Iowa. Despite the fact that the middle-aged, divorced, red-haired woman behind the counter did display a slight interest in him while he was limping around at a local Casey's gas station with a massive hangover in a desperate search for coffee and tobacco, Roger Manning, 39, confirmed Thursday that he was (and still is) fully determined to use his God-Given (and 'ever-so cherished') gift of being extremely obsessive-compulsive in order to find a proper profession as a historical archivist rather than pull his pants down and let some stranger bounce up and down on his rock-hard, throbbing cock.
Because infatuation and drunkenness often accompany obsessive-compulsive disorder, Roger felt conflicted when the vivacious, highly playful, and extremely vigorous employee said "Hi" to him.

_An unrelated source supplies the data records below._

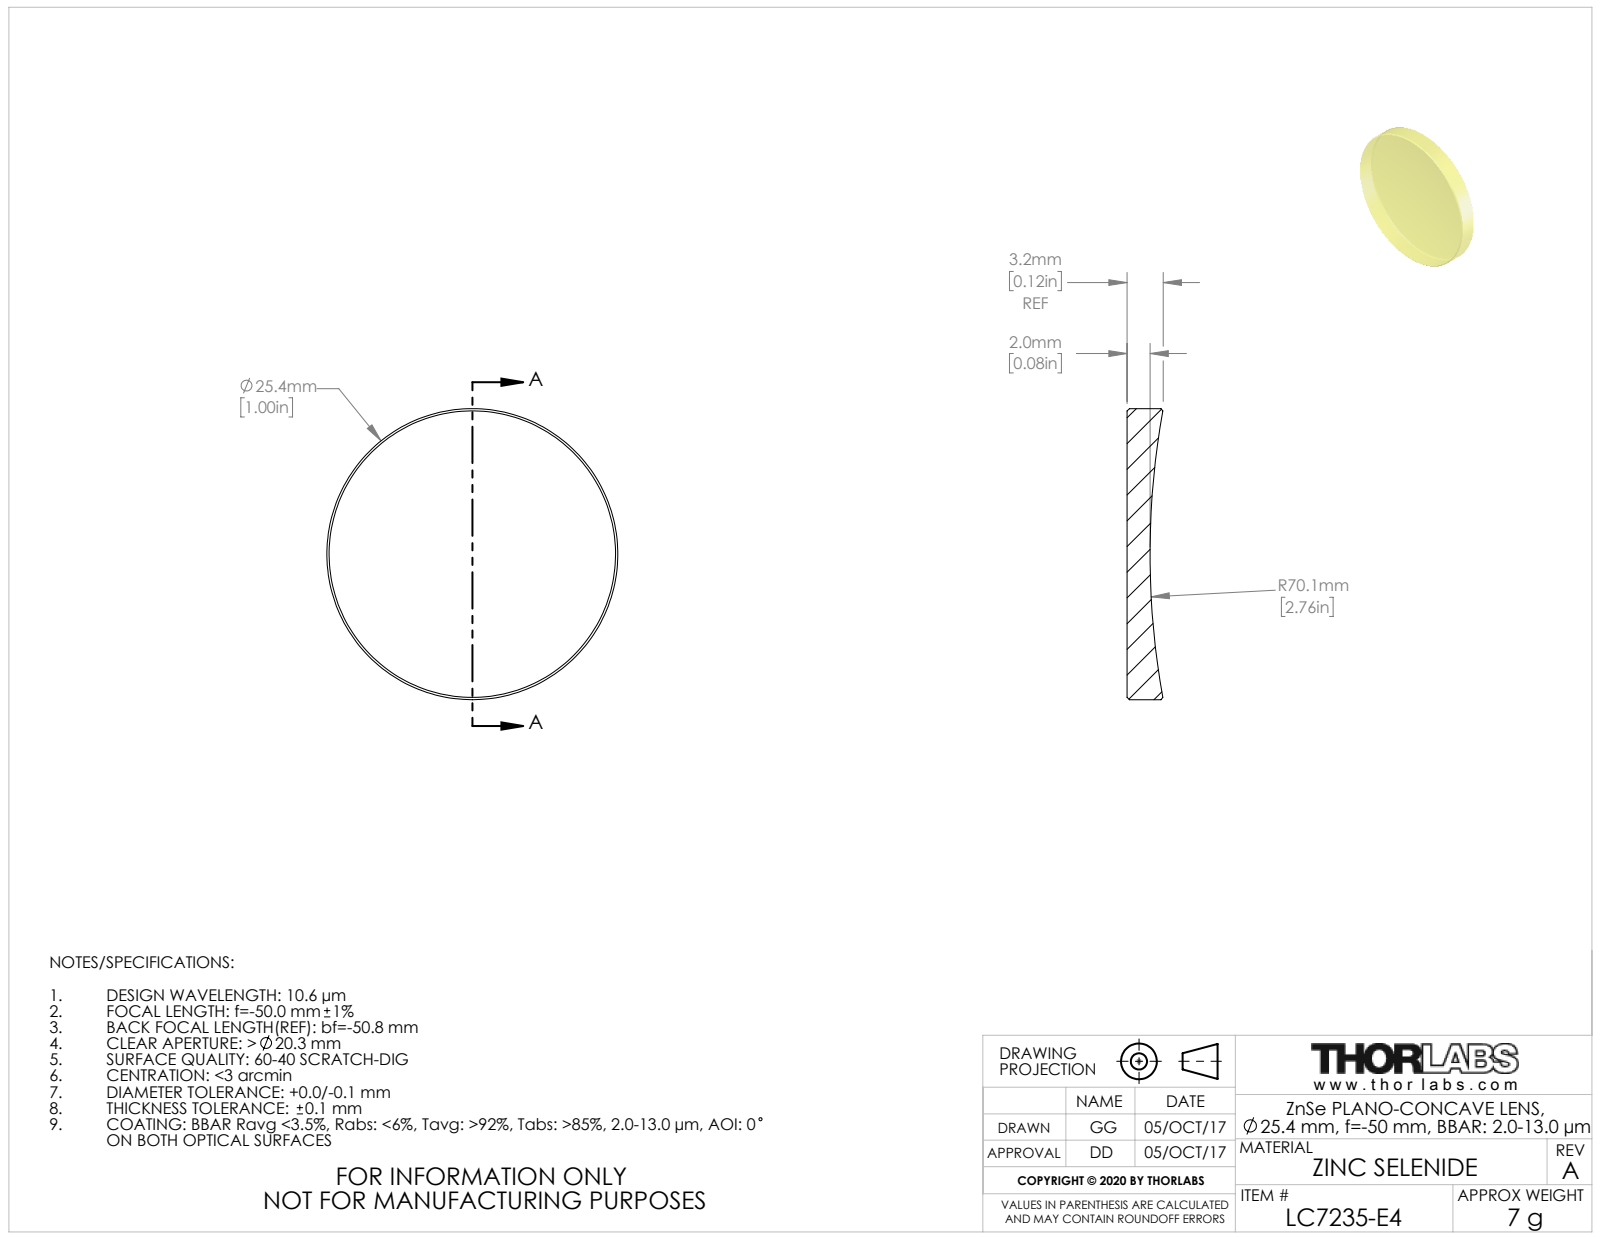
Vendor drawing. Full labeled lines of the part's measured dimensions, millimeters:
Part name (STEP PRODUCT): TTN099138-E0W
STEP written by: SolidWorks 2018 (CONFIG_CONTROL_DESIGN)
Units: millimetres
Bodies: 1 solid, 9 faces (1 planar, 2 cylindrical, 6 other)
Overall size (bounding box): 25.4 × 25.4 × 3.12
Volume: 1 303 mm³ · Surface area: 1 249 mm²
Round bosses / shafts (diameter × count): ⌀25.4 ×1
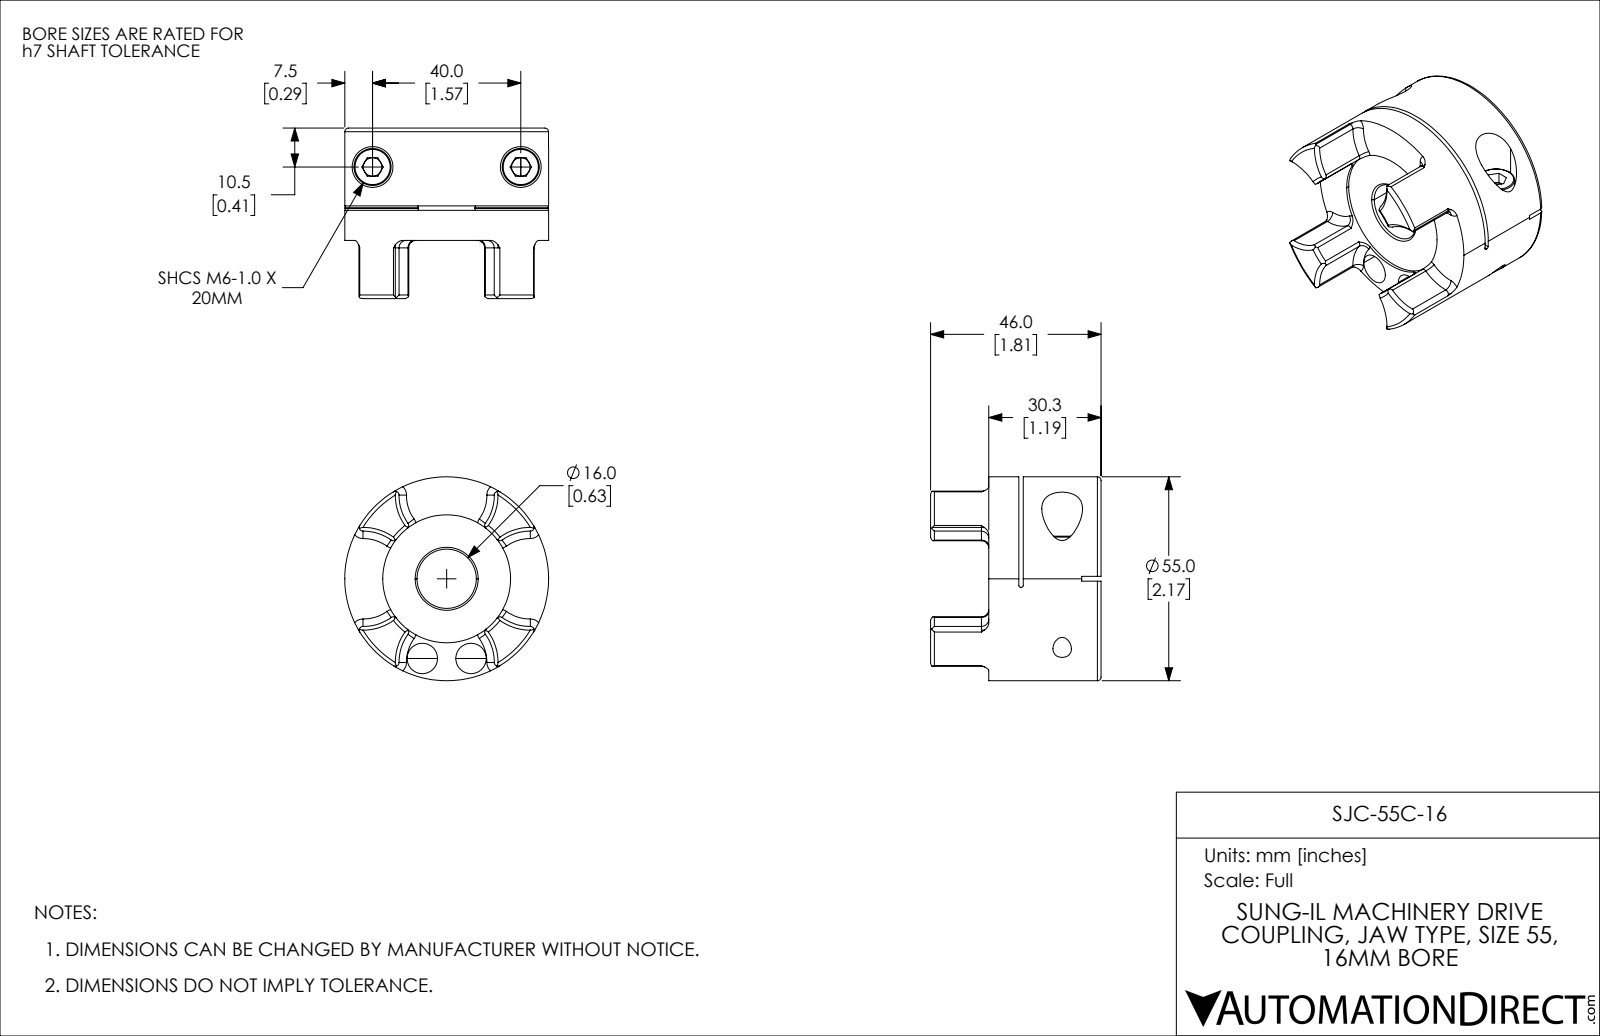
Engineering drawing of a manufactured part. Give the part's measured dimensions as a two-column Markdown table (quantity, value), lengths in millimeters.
| quantity | value |
| --- | --- |
| part name | SJC-55C-16 |
| STEP written by | SolidWorks 2021 (CONFIG_CONTROL_DESIGN) |
| units | millimeters |
| bodies | 3 solids, 206 faces (52 planar, 72 cylindrical, 82 other) |
| overall size | 55 × 55 × 46 |
| volume | 66 409 mm³ |
| surface area | 20 351 mm² |
| round holes (diameter × count) | 5 × 2, 6.4 × 2, 8.2 × 2, 11 × 2, 16 × 1, 34.5 × 1 |
| round bosses / shafts (diameter × count) | 10 × 2, 6 × 2, 55 × 1 |
| partial cylindrical surfaces (radius × count) | 1 × 16, 12.85 × 4, 0.5 × 2, 50 × 1 |
| main face-to-face distances | 22.2, 1.2, 21, 8.1, 9.3, 30.3, 0.8, 7.3, 8.5, 29.5 |
| hole center spacings | 22.47, 13.14, 40 |

"I think you're a little bit of alright" was also a statement that didn't sit well with Roger, who confided with reporters that he wasn't going to let the "need-filled" woman pull her own bra off and smother his face with her luscious and gigantic boobs.
"I'm a pretty sensitive guy, and I just want to believe in what I'm doing with the 'one life' that I have on this Earth," Roger said, before quickly adding that he had absolutely no thoughts about this demonic and horny female sticking her tongue in his mouth before unzipping his khakis and 'reverse cowgirl style' fucking him in the middle of a random stairwell.

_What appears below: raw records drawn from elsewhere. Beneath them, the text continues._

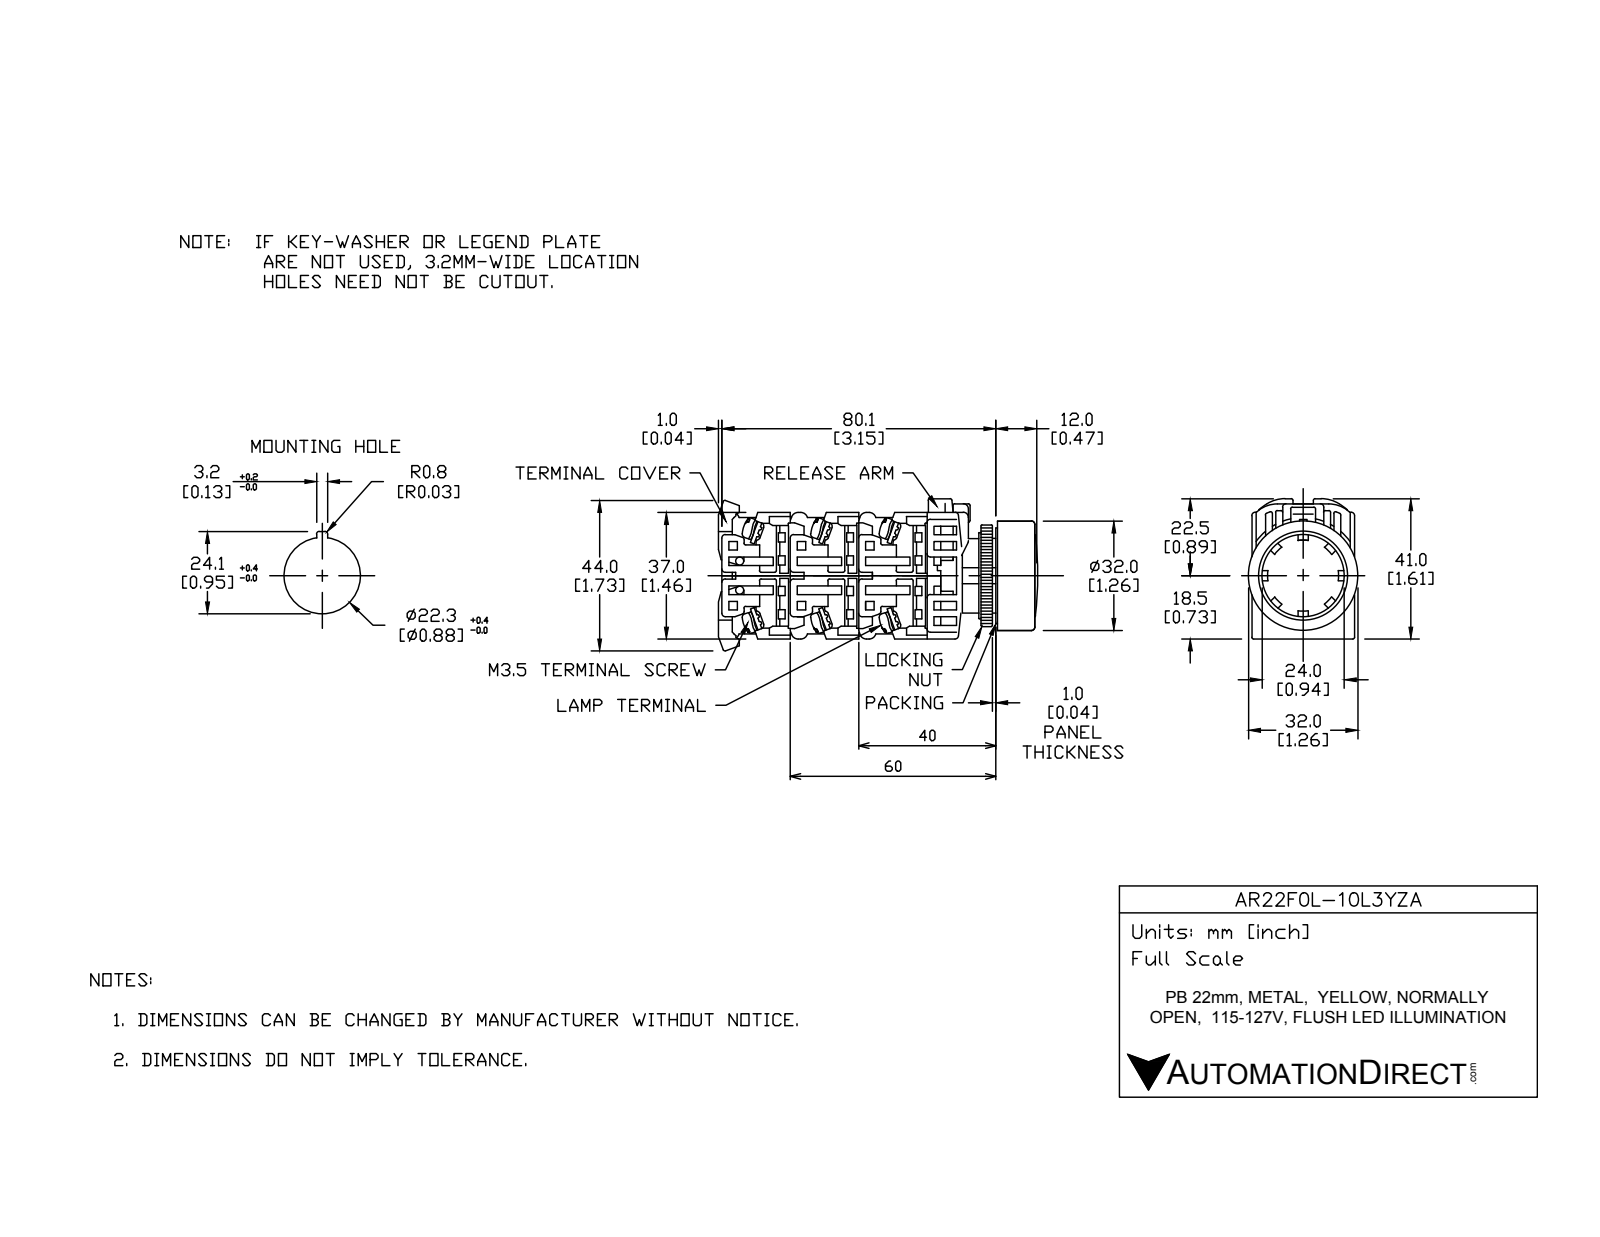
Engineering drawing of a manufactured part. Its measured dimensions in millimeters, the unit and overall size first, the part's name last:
Units: millimetres
Overall size (bounding box): 72.75 × 43.81 × 32
Round holes (diameter × count): ⌀21.8 ×1, ⌀22 ×1, ⌀25 ×1, ⌀31 ×1
Round bosses / shafts (diameter × count): ⌀5 ×4, ⌀32 ×1, ⌀30.5 ×1, ⌀29.8 ×1, ⌀24 ×1, ⌀23.8 ×1, ⌀21.75 ×1, ⌀17 ×1
Partial cylindrical surfaces — rounded edges, fillets, slot ends (radius × count): R0.5 ×32, R1.75 ×8, R5 ×4, R4 ×2, R16.59 ×1, R17.59 ×1
Main face-to-face distances: 1, 18, 29, 20, 28.5, 3, 2, 21, 0.35, 7.5
Volume: 47 521 mm³ · Surface area: 25 721 mm²
Bodies: 16 solids, 451 faces (317 planar, 99 cylindrical, 35 other)
Part name (STEP PRODUCT): AR22F0L-10L3YZA
STEP written by: SolidWorks 2017 (AUTOMOTIVE_DESIGN)

Extremely determined (and highly convinced) that his dysfunctional, perfectionist disorder will ultimately lead him to a peaceful and isolated life of recording historical truths by putting documents into filing cabinets, Roger solidly confirmed that it was not his destiny to put his hands on the voluptuous and curvaceous body of the enticing 'Jezebel' before giving her a good, solid pounding from behind.
Although she probably did want to wrap her legs underneath his, sit on top of him, and force him to blow his load all over her back, Roger calmly asserted that relationships (much like books and documents) are a fragile thing, and that he does not want her to dress up in chains before pushing his head into a wall while repeatedly screaming the words "Give It To Me!....Give It To Me, Again!...Harder This Time!...God-Damnit!"
Mr. Manning concluded the interview by stating that his ultimate journey toward the light and truth of protecting history will also not involve numerous, fake-breasted prostitutes in Las Vegas smacking him around and using straps of leather to beat him senseless until he starts crying.